The FUBP1 gene encodes Far Upstream Element-Binding Protein 1 (Fubp1) [36], which is instrumental in regulating gene expression, particularly that of the c-Myc oncogene [37]. This protein plays critical roles in various cellular processes, including cell proliferation, apoptosis, and differentiation [36]. Notably, FUBP1 upregulates hexokinase genes (HK1 and HK2), which are key enzymes in the glycolysis pathway. Glycolysis is essential for glucose metabolism, making its regulation directly relevant to diabetes, as disruptions in these pathways can lead to insulin resistance and glucose homeostasis issues [38].

The regulation of the c-Myc oncogene by FUBP1 is important in the context of liver diseases. Dysregulation of these processes can contribute to NAFLD, by affecting liver cell turnover and survival [39]. While direct evidence linking FUBP1 to diabetes and NAFLD is not well-established, its roles in gene regulation, metabolism, and cell survival suggest it could indirectly influence the development and progression of these conditions.

This study was preliminary and had several limitations.
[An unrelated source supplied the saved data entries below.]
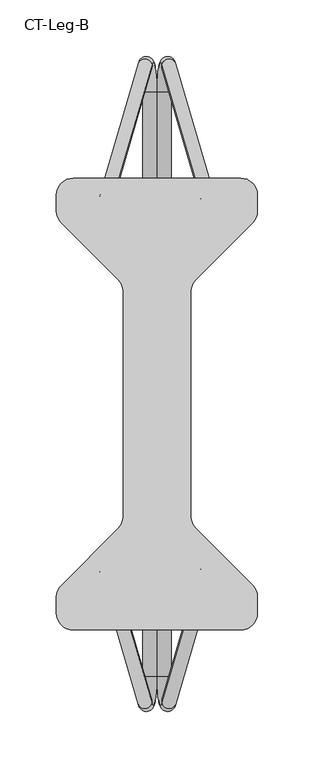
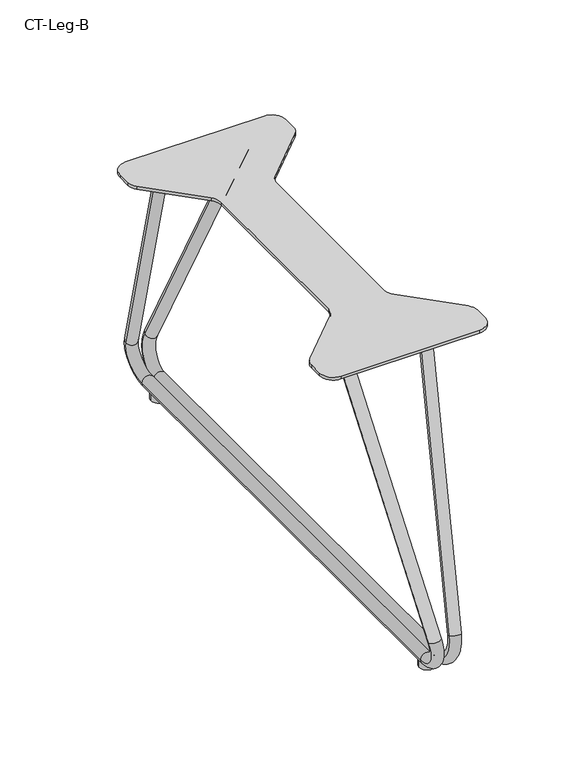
"""IFC4 building model written with IfcOpenShell, lengths in millimetres: furniture geometry, Davis_Furniture-Cantina-Leg : CT-Leg-B."""

from ifc_helpers import new_model, si_unit, point, frame, frame_2d, origin, origin_with_axes, place, context, project, spatial, polyline, circle_curve, ellipse_curve, trimmed, segment, composite_curve, outline, extrude, source, transform, mapped, element, save
from ifc_brep_helpers import plane_surface, cylinder_surface, revolved_surface, advanced_brep


def ct_leg_b_2be85a5b(model_context):
    return source(origin(), model_context, "Body", "SolidModel", [
        extrude(outline(composite_curve([segment(trimmed(circle_curve(frame_2d((74.0306813, 167.2380882)), 14.9820313), [point((74.0306813, 182.2201195))], [point((89.0127126, 167.2380882))], False, "CARTESIAN"), True, "CONTINUOUS"), segment(polyline([(89.0127126, 167.2380882), (89.0127126, 152.8085385)]), True, "CONTINUOUS"), segment(trimmed(circle_curve(frame_2d((75.0063569, 152.8085385)), 14.0063557), [point((89.0127126, 152.8085385))], [point((84.910346, 142.9045495))], False, "CARTESIAN"), True, "CONTINUOUS"), segment(polyline([(84.910346, 142.9045495), (34.3136664, 92.3078699)]), True, "CONTINUOUS"), segment(trimmed(circle_curve(frame_2d((44.6970876, 81.9244488)), 14.684375), [point((34.3136664, 92.3078699))], [point((30.0127126, 81.9244488))], True, "CARTESIAN"), True, "CONTINUOUS"), segment(polyline([(30.0127126, 81.9244488), (30.0127126, -117.48421)]), True, "CONTINUOUS"), segment(trimmed(circle_curve(frame_2d((44.6970876, -117.48421)), 14.684375), [point((30.0127126, -117.48421))], [point((34.3136664, -127.8676312))], True, "CARTESIAN"), True, "CONTINUOUS"), segment(polyline([(34.3136664, -127.8676312), (84.910346, -178.4643107)]), True, "CONTINUOUS"), segment(trimmed(circle_curve(frame_2d((75.0063569, -188.3682998)), 14.0063557), [point((84.910346, -178.4643107))], [point((89.0127126, -188.3682998))], False, "CARTESIAN"), True, "CONTINUOUS"), segment(polyline([(89.0127126, -188.3682998), (89.0127126, -202.7978495)]), True, "CONTINUOUS"), segment(trimmed(circle_curve(frame_2d((74.0306813, -202.7978495)), 14.9820312), [point((89.0127126, -202.7978495))], [point((74.0306813, -217.7798807))], False, "CARTESIAN"), True, "CONTINUOUS"), segment(polyline([(74.0306813, -217.7798807), (-74.0306813, -217.7798807)]), True, "CONTINUOUS"), segment(trimmed(circle_curve(frame_2d((-74.0306813, -202.8232747)), 14.956606), [point((-74.0306813, -217.7798807))], [point((-88.9872873, -202.8232747))], False, "CARTESIAN"), True, "CONTINUOUS"), segment(polyline([(-88.9872873, -202.8232747), (-88.9872873, -188.3614603)]), True, "CONTINUOUS"), segment(trimmed(circle_curve(frame_2d((-74.9974436, -188.3614603)), 13.9898438), [point((-88.9872873, -188.3614603))], [point((-84.889757, -178.4691469))], False, "CARTESIAN"), True, "CONTINUOUS"), segment(polyline([(-84.889757, -178.4691469), (-34.2882412, -127.8676312)]), True, "CONTINUOUS"), segment(trimmed(circle_curve(frame_2d((-44.6716623, -117.48421)), 14.684375), [point((-34.2882412, -127.8676312))], [point((-29.9872873, -117.48421))], True, "CARTESIAN"), True, "CONTINUOUS"), segment(polyline([(-29.9872873, -117.48421), (-29.9872873, 81.939689)]), True, "CONTINUOUS"), segment(trimmed(circle_curve(frame_2d((-44.6348691, 81.939689)), 14.6475818), [point((-29.9872873, 81.939689))], [point((-34.2774647, 92.2970935))], True, "CARTESIAN"), True, "CONTINUOUS"), segment(polyline([(-34.2774647, 92.2970935), (-84.889757, 142.9093857)]), True, "CONTINUOUS"), segment(trimmed(circle_curve(frame_2d((-74.9974436, 152.8016991)), 13.9898438), [point((-84.889757, 142.9093857))], [point((-88.9872873, 152.8016991))], False, "CARTESIAN"), True, "CONTINUOUS"), segment(polyline([(-88.9872873, 152.8016991), (-88.9872873, 167.2635135)]), True, "CONTINUOUS"), segment(trimmed(circle_curve(frame_2d((-74.0306813, 167.2635135)), 14.956606), [point((-88.9872873, 167.2635135))], [point((-74.0306813, 182.2201195))], False, "CARTESIAN"), True, "CONTINUOUS"), segment(polyline([(-74.0306813, 182.2201195), (74.0306813, 182.2201195)]), True, "CONTINUOUS")], self_intersect=False)), frame((0.0, 0.0, 330.7277844), z_axis=(0.0, 0.0, 1.0), x_axis=(1.0, 0.0, 0.0)), (0.0, 0.0, 1.0), 3.1724353),
        advanced_brep(
        [(4.3476455, 282.4506802, 51.3019909), (16.7863293, 281.0225001, 49.1737411), (51.3568189, 162.5458754, 330.7277844), (38.6568189, 164.8696131, 330.7277844), (-0.0044706, 258.6649172, 15.8568497), (12.6955294, 258.6649172, 15.8568497), (-0.0044706, -258.6649172, 15.8568497), (12.6955294, -258.6649172, 15.8568497), (4.3476455, -282.4506802, 51.3019909), (16.7863293, -281.0225001, 49.1737411), (38.6568189, -164.8696131, 330.7277844), (51.3568189, -162.5458754, 330.7277844)],
        [
            (0, 1, circle_curve(frame((10.5669874, 281.7365901, 50.237866), z_axis=(0.112455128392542, -0.3853952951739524, 0.9158735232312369), x_axis=(-0.9794239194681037, 0.11245512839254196, 0.16757872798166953)), 6.35)),
            (1, 2),
            (2, 3, ellipse_curve(frame((45.0068189, 163.7077443, 330.7277844), z_axis=(0.0, 0.0, -1.0), x_axis=(0.28011057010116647, -0.9599677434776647, 0.0)), 6.9332717, 6.35)),
            (3, 0),
            (1, 0, circle_curve(frame((10.5669874, 281.7365901, 50.237866), z_axis=(0.112455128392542, -0.3853952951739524, 0.9158735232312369), x_axis=(-0.9794239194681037, 0.11245512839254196, 0.16757872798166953)), 6.35)),
            (3, 2, ellipse_curve(frame((45.0068189, 163.7077443, 330.7277844), z_axis=(0.0, 0.0, -1.0), x_axis=(0.28011057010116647, -0.9599677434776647, 0.0)), 6.9332717, 6.35)),
            (0, 4, circle_curve(frame((3.1369549, 258.6649172, 41.4417072), z_axis=(-0.9925461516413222, 0.0, 0.12186934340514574), x_axis=(0.046967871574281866, 0.9227515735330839, 0.38252261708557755)), 25.7769953)),
            (4, 5, circle_curve(frame((6.3455294, 258.6649172, 15.8568497), z_axis=(0.0, 1.0, 0.0), x_axis=(-1.0, 0.0, 0.0)), 6.35)),
            (5, 1, circle_curve(frame((15.6483328, 258.6649172, 39.9055032), z_axis=(0.9925461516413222, 0.0, -0.12186934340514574), x_axis=(0.046967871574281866, 0.9227515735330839, 0.38252261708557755)), 24.2292547)),
            (5, 4, circle_curve(frame((6.3455294, 258.6649172, 15.8568497), z_axis=(0.0, 0.9999999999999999, 0.0), x_axis=(-1.0, 0.0, 0.0)), 6.35)),
            (4, 6),
            (6, 7, circle_curve(frame((6.3455294, -258.6649172, 15.8568497), z_axis=(0.0, 1.0, 0.0), x_axis=(-1.0, 0.0, 0.0)), 6.35)),
            (7, 5),
            (7, 6, circle_curve(frame((6.3455294, -258.6649172, 15.8568497), z_axis=(0.0, 1.0, 0.0), x_axis=(-1.0, 0.0, 0.0)), 6.35)),
            (6, 8, circle_curve(frame((3.1369549, -258.6649172, 41.4417072), z_axis=(-0.9925461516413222, 0.0, 0.12186934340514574), x_axis=(-0.12186934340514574, 0.0, -0.9925461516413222)), 25.7769953)),
            (8, 9, circle_curve(frame((10.5669874, -281.7365901, 50.237866), z_axis=(-0.11245512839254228, -0.3853952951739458, -0.9158735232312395), x_axis=(-0.9794239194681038, -0.1124551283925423, 0.16757872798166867)), 6.35)),
            (9, 7, circle_curve(frame((15.6483328, -258.6649172, 39.9055032), z_axis=(0.9925461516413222, 0.0, -0.12186934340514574), x_axis=(-0.12186934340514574, 0.0, -0.9925461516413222)), 24.2292547)),
            (9, 8, circle_curve(frame((10.5669874, -281.7365901, 50.237866), z_axis=(-0.11245512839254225, -0.3853952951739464, -0.9158735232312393), x_axis=(-0.9794239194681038, -0.11245512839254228, 0.16757872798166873)), 6.35)),
            (8, 10),
            (10, 11, ellipse_curve(frame((45.0068189, -163.7077443, 330.7277844), z_axis=(0.0, 0.0, -1.0), x_axis=(-0.28011057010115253, -0.9599677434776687, 0.0)), 6.9332717, 6.35)),
            (11, 9),
            (11, 10, ellipse_curve(frame((45.0068189, -163.7077443, 330.7277844), z_axis=(0.0, 0.0, -1.0), x_axis=(-0.28011057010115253, -0.9599677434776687, 0.0)), 6.9332717, 6.35)),
        ],
        [
            cylinder_surface(frame((46.1405198, 159.8224344, 339.9610379), z_axis=(0.112455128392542, -0.3853952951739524, 0.9158735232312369), x_axis=(-0.9794239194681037, 0.11245512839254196, 0.16757872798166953)), 6.35),
            revolved_surface(trimmed(ellipse_curve(frame((10.5669874, 281.7365901, 50.237866), z_axis=(0.11245512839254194, -0.38539529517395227, 0.9158735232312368), x_axis=(-0.9794239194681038, 0.112455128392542, 0.1675787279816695)), 6.35, 6.35), [point((4.3476455, 282.4506802, 51.3019909))], [point((16.7863293, 281.0225001, 49.1737411))], True, "CARTESIAN"), (62.3582375, 258.6649172, 34.170248), (-0.9925461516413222, 0.0, 0.12186934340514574)),
            revolved_surface(trimmed(ellipse_curve(frame((10.5669874, 281.7365901, 50.237866), z_axis=(0.11245512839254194, -0.38539529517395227, 0.9158735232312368), x_axis=(-0.9794239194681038, 0.112455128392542, 0.1675787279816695)), 6.35, 6.35), [point((16.7863293, 281.0225001, 49.1737411))], [point((4.3476455, 282.4506802, 51.3019909))], True, "CARTESIAN"), (62.3582375, 258.6649172, 34.170248), (-0.9925461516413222, 0.0, 0.12186934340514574)),
            cylinder_surface(frame((6.3455294, 258.6649172, 15.8568497), z_axis=(0.0, 1.0, 0.0), x_axis=(-1.0, 0.0, 0.0)), 6.35),
            revolved_surface(trimmed(ellipse_curve(frame((6.3455294, -258.6649172, 15.8568497), z_axis=(0.0, 1.0, 0.0), x_axis=(-1.0, 0.0, 0.0)), 6.35, 6.35), [point((-0.0044706, -258.6649172, 15.8568497))], [point((12.6955294, -258.6649172, 15.8568497))], True, "CARTESIAN"), (62.3582375, -258.6649172, 34.170248), (-0.9925461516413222, 0.0, 0.12186934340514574)),
            revolved_surface(trimmed(ellipse_curve(frame((6.3455294, -258.6649172, 15.8568497), z_axis=(0.0, 1.0, 0.0), x_axis=(-1.0, 0.0, 0.0)), 6.35, 6.35), [point((12.6955294, -258.6649172, 15.8568497))], [point((-0.0044706, -258.6649172, 15.8568497))], True, "CARTESIAN"), (62.3582375, -258.6649172, 34.170248), (-0.9925461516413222, 0.0, 0.12186934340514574)),
            cylinder_surface(frame((10.5669874, -281.7365901, 50.237866), z_axis=(-0.11245512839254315, -0.38539529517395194, -0.9158735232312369), x_axis=(-0.9794239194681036, -0.11245512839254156, 0.1675787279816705)), 6.35),
            plane_surface(frame((-60.325, -184.15, 330.7277844), z_axis=(0.0, 0.0, 1.0), x_axis=(0.0, 1.0, 0.0))),
        ],
        [
            (0, [[1, 2, 3, 4]]),
            (0, [[5, -4, 6, -2]]),
            (1, [[-1, 7, 8, 9]]),
            (2, [[-5, -9, 10, -7]]),
            (3, [[-8, 11, 12, 13]]),
            (3, [[-10, -13, 14, -11]]),
            (4, [[-12, 15, 16, 17]]),
            (5, [[-14, -17, 18, -15]]),
            (6, [[-16, 19, 20, 21]]),
            (6, [[-18, -21, 22, -19]]),
            (7, [[-3, -6]]),
            (7, [[-20, -22]]),
        ],
    ),
        advanced_brep(
        [(-16.7863293, 281.0225001, 49.1737411), (-4.3476455, 282.4506802, 51.3019909), (-38.6568189, 164.8696131, 330.7277844), (-51.3568189, 162.5458754, 330.7277844), (-12.6955294, 258.6649172, 15.8568497), (0.0044706, 258.6649172, 15.8568497), (-12.6955294, -258.6649172, 15.8568497), (0.0044706, -258.6649172, 15.8568497), (-16.7863293, -281.0225001, 49.1737411), (-4.3476455, -282.4506802, 51.3019909), (-51.3568189, -162.5458754, 330.7277844), (-38.6568189, -164.8696131, 330.7277844)],
        [
            (0, 1, circle_curve(frame((-10.5669874, 281.7365901, 50.237866), z_axis=(-0.11245512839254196, -0.38539529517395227, 0.915873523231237), x_axis=(0.9794239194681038, 0.11245512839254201, 0.1675787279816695)), 6.35)),
            (1, 2),
            (2, 3, ellipse_curve(frame((-45.0068189, 163.7077443, 330.7277844), z_axis=(0.0, 0.0, -1.0), x_axis=(-0.28011057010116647, -0.9599677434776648, 0.0)), 6.9332717, 6.35)),
            (3, 0),
            (1, 0, circle_curve(frame((-10.5669874, 281.7365901, 50.237866), z_axis=(-0.11245512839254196, -0.38539529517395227, 0.915873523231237), x_axis=(0.9794239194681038, 0.11245512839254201, 0.1675787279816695)), 6.35)),
            (3, 2, ellipse_curve(frame((-45.0068189, 163.7077443, 330.7277844), z_axis=(0.0, 0.0, -1.0), x_axis=(-0.28011057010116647, -0.9599677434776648, 0.0)), 6.9332717, 6.35)),
            (0, 4, circle_curve(frame((-15.6483328, 258.6649172, 39.9055032), z_axis=(-0.9925461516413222, 0.0, -0.12186934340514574), x_axis=(-0.046967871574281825, 0.9227515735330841, 0.38252261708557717)), 24.2292547)),
            (4, 5, circle_curve(frame((-6.3455294, 258.6649172, 15.8568497), z_axis=(0.0, 1.0000000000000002, 0.0), x_axis=(1.0, 0.0, 0.0)), 6.35)),
            (5, 1, circle_curve(frame((-3.1369549, 258.6649172, 41.4417072), z_axis=(0.9925461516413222, 0.0, 0.12186934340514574), x_axis=(-0.046967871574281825, 0.9227515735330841, 0.38252261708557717)), 25.7769953)),
            (5, 4, circle_curve(frame((-6.3455294, 258.6649172, 15.8568497), z_axis=(0.0, 1.0000000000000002, 0.0), x_axis=(1.0, 0.0, 0.0)), 6.35)),
            (4, 6),
            (6, 7, circle_curve(frame((-6.3455294, -258.6649172, 15.8568497), z_axis=(0.0, 1.0, 0.0), x_axis=(1.0, 0.0, 0.0)), 6.35)),
            (7, 5),
            (7, 6, circle_curve(frame((-6.3455294, -258.6649172, 15.8568497), z_axis=(0.0, 1.0, 0.0), x_axis=(1.0, 0.0, 0.0)), 6.35)),
            (6, 8, circle_curve(frame((-15.6483328, -258.6649172, 39.9055032), z_axis=(-0.9925461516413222, 0.0, -0.12186934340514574), x_axis=(0.12186934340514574, 0.0, -0.9925461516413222)), 24.2292547)),
            (8, 9, circle_curve(frame((-10.5669874, -281.7365901, 50.237866), z_axis=(0.11245512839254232, -0.3853952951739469, -0.915873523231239), x_axis=(0.9794239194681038, -0.11245512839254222, 0.1675787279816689)), 6.35)),
            (9, 7, circle_curve(frame((-3.1369549, -258.6649172, 41.4417072), z_axis=(0.9925461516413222, 0.0, 0.12186934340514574), x_axis=(0.12186934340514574, 0.0, -0.9925461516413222)), 25.7769953)),
            (9, 8, circle_curve(frame((-10.5669874, -281.7365901, 50.237866), z_axis=(0.11245512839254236, -0.3853952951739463, -0.9158735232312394), x_axis=(0.9794239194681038, -0.11245512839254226, 0.1675787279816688)), 6.35)),
            (8, 10),
            (10, 11, ellipse_curve(frame((-45.0068189, -163.7077443, 330.7277844), z_axis=(0.0, 0.0, -1.0), x_axis=(0.2801105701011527, -0.9599677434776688, 0.0)), 6.9332717, 6.35)),
            (11, 9),
            (11, 10, ellipse_curve(frame((-45.0068189, -163.7077443, 330.7277844), z_axis=(0.0, 0.0, -1.0), x_axis=(0.2801105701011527, -0.9599677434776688, 0.0)), 6.9332717, 6.35)),
        ],
        [
            cylinder_surface(frame((-46.1405198, 159.8224344, 339.9610379), z_axis=(-0.11245512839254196, -0.38539529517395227, 0.915873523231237), x_axis=(0.9794239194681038, 0.11245512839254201, 0.1675787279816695)), 6.35),
            revolved_surface(trimmed(ellipse_curve(frame((-10.5669874, 281.7365901, 50.237866), z_axis=(-0.11245512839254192, -0.385395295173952, 0.9158735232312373), x_axis=(0.9794239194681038, 0.11245512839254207, 0.1675787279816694)), 6.35, 6.35), [point((-16.7863293, 281.0225001, 49.1737411))], [point((-4.3476455, 282.4506802, 51.3019909))], True, "CARTESIAN"), (-62.3582375, 258.6649172, 34.170248), (-0.9925461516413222, 0.0, -0.12186934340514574)),
            revolved_surface(trimmed(ellipse_curve(frame((-10.5669874, 281.7365901, 50.237866), z_axis=(-0.11245512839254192, -0.385395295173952, 0.9158735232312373), x_axis=(0.9794239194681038, 0.11245512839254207, 0.1675787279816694)), 6.35, 6.35), [point((-4.3476455, 282.4506802, 51.3019909))], [point((-16.7863293, 281.0225001, 49.1737411))], True, "CARTESIAN"), (-62.3582375, 258.6649172, 34.170248), (-0.9925461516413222, 0.0, -0.12186934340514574)),
            cylinder_surface(frame((-6.3455294, 258.6649172, 15.8568497), z_axis=(0.0, 1.0, 0.0), x_axis=(1.0, 0.0, 0.0)), 6.35),
            revolved_surface(trimmed(ellipse_curve(frame((-6.3455294, -258.6649172, 15.8568497), z_axis=(0.0, 1.0, 0.0), x_axis=(1.0, 0.0, 0.0)), 6.35, 6.35), [point((-12.6955294, -258.6649172, 15.8568497))], [point((0.0044706, -258.6649172, 15.8568497))], True, "CARTESIAN"), (-62.3582375, -258.6649172, 34.170248), (-0.9925461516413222, 0.0, -0.12186934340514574)),
            revolved_surface(trimmed(ellipse_curve(frame((-6.3455294, -258.6649172, 15.8568497), z_axis=(0.0, 1.0, 0.0), x_axis=(1.0, 0.0, 0.0)), 6.35, 6.35), [point((0.0044706, -258.6649172, 15.8568497))], [point((-12.6955294, -258.6649172, 15.8568497))], True, "CARTESIAN"), (-62.3582375, -258.6649172, 34.170248), (-0.9925461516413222, 0.0, -0.12186934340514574)),
            cylinder_surface(frame((-10.5669874, -281.7365901, 50.237866), z_axis=(0.11245512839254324, -0.38539529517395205, -0.9158735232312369), x_axis=(0.9794239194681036, -0.11245512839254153, 0.16757872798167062)), 6.35),
            plane_surface(frame((-60.325, -184.15, 330.7277844), z_axis=(0.0, 0.0, 1.0), x_axis=(0.0, 1.0, 0.0))),
        ],
        [
            (0, [[1, 2, 3, 4]]),
            (0, [[5, -4, 6, -2]]),
            (1, [[-1, 7, 8, 9]]),
            (2, [[-5, -9, 10, -7]]),
            (3, [[-8, 11, 12, 13]]),
            (3, [[-10, -13, 14, -11]]),
            (4, [[-12, 15, 16, 17]]),
            (5, [[-14, -17, 18, -15]]),
            (6, [[-16, 19, 20, 21]]),
            (6, [[-18, -21, 22, -19]]),
            (7, [[-3, -6]]),
            (7, [[-20, -22]]),
        ],
    ),
        extrude(outline(composite_curve([segment(trimmed(circle_curve(frame_2d((0.0, -249.0853635)), 8.5328125), [point((-8.5328125, -249.0853635))], [point((8.5328125, -249.0853635))], False, "CARTESIAN"), True, "CONTINUOUS"), segment(trimmed(circle_curve(frame_2d((0.0, -249.0853635)), 8.5328125), [point((8.5328125, -249.0853635))], [point((-8.5328125, -249.0853635))], False, "CARTESIAN"), True, "CONTINUOUS")], self_intersect=False)), origin_with_axes(), (0.0, 0.0, 1.0), 9.5168817),
        extrude(outline(composite_curve([segment(trimmed(circle_curve(frame_2d((0.0, 249.0853635)), 8.5328125), [point((-8.5328125, 249.0853635))], [point((8.5328125, 249.0853635))], False, "CARTESIAN"), True, "CONTINUOUS"), segment(trimmed(circle_curve(frame_2d((0.0, 249.0853635)), 8.5328125), [point((8.5328125, 249.0853635))], [point((-8.5328125, 249.0853635))], False, "CARTESIAN"), True, "CONTINUOUS")], self_intersect=False)), origin_with_axes(), (0.0, 0.0, 1.0), 9.5168817),
    ])


if __name__ == "__main__":
    model = new_model("IFC4")
    model_context = context("Model", 3, world=origin())
    ifc_project = project(units=[si_unit("LENGTHUNIT", "METRE", prefix="MILLI")], contexts=[model_context])
    site = spatial("IfcSite", under=ifc_project)
    building = spatial("IfcBuilding", under=site)
    placement = place(None, origin())
    ct_leg_b_shape = ct_leg_b_2be85a5b(model_context)
    element("IfcFurniture", 1, ObjectType="Davis_Furniture-Cantina-Leg : CT-Leg-B", at=placement, inside=building, context=model_context, shape_type="MappedRepresentation", body=[
        mapped(ct_leg_b_shape, transform((0.0, 0.0, 0.0), x_axis=(1.0, 0.0, 0.0), y_axis=(0.0, 1.0, 0.0), z_axis=(0.0, 0.0, 1.0))),
    ])
    save(model, "model.ifc")

Further experimental studies are warranted to explore the specific roles and regulatory mechanisms of these genes and their pathways in T2D and NAFLD pathogenesis.

Conclusion

This study provides valuable insights into the molecular mechanisms underlying the development of T2D and NAFLD. The identified hub genes and pathways present promising prospects as therapeutic targets to address these prevalent metabolic disorders.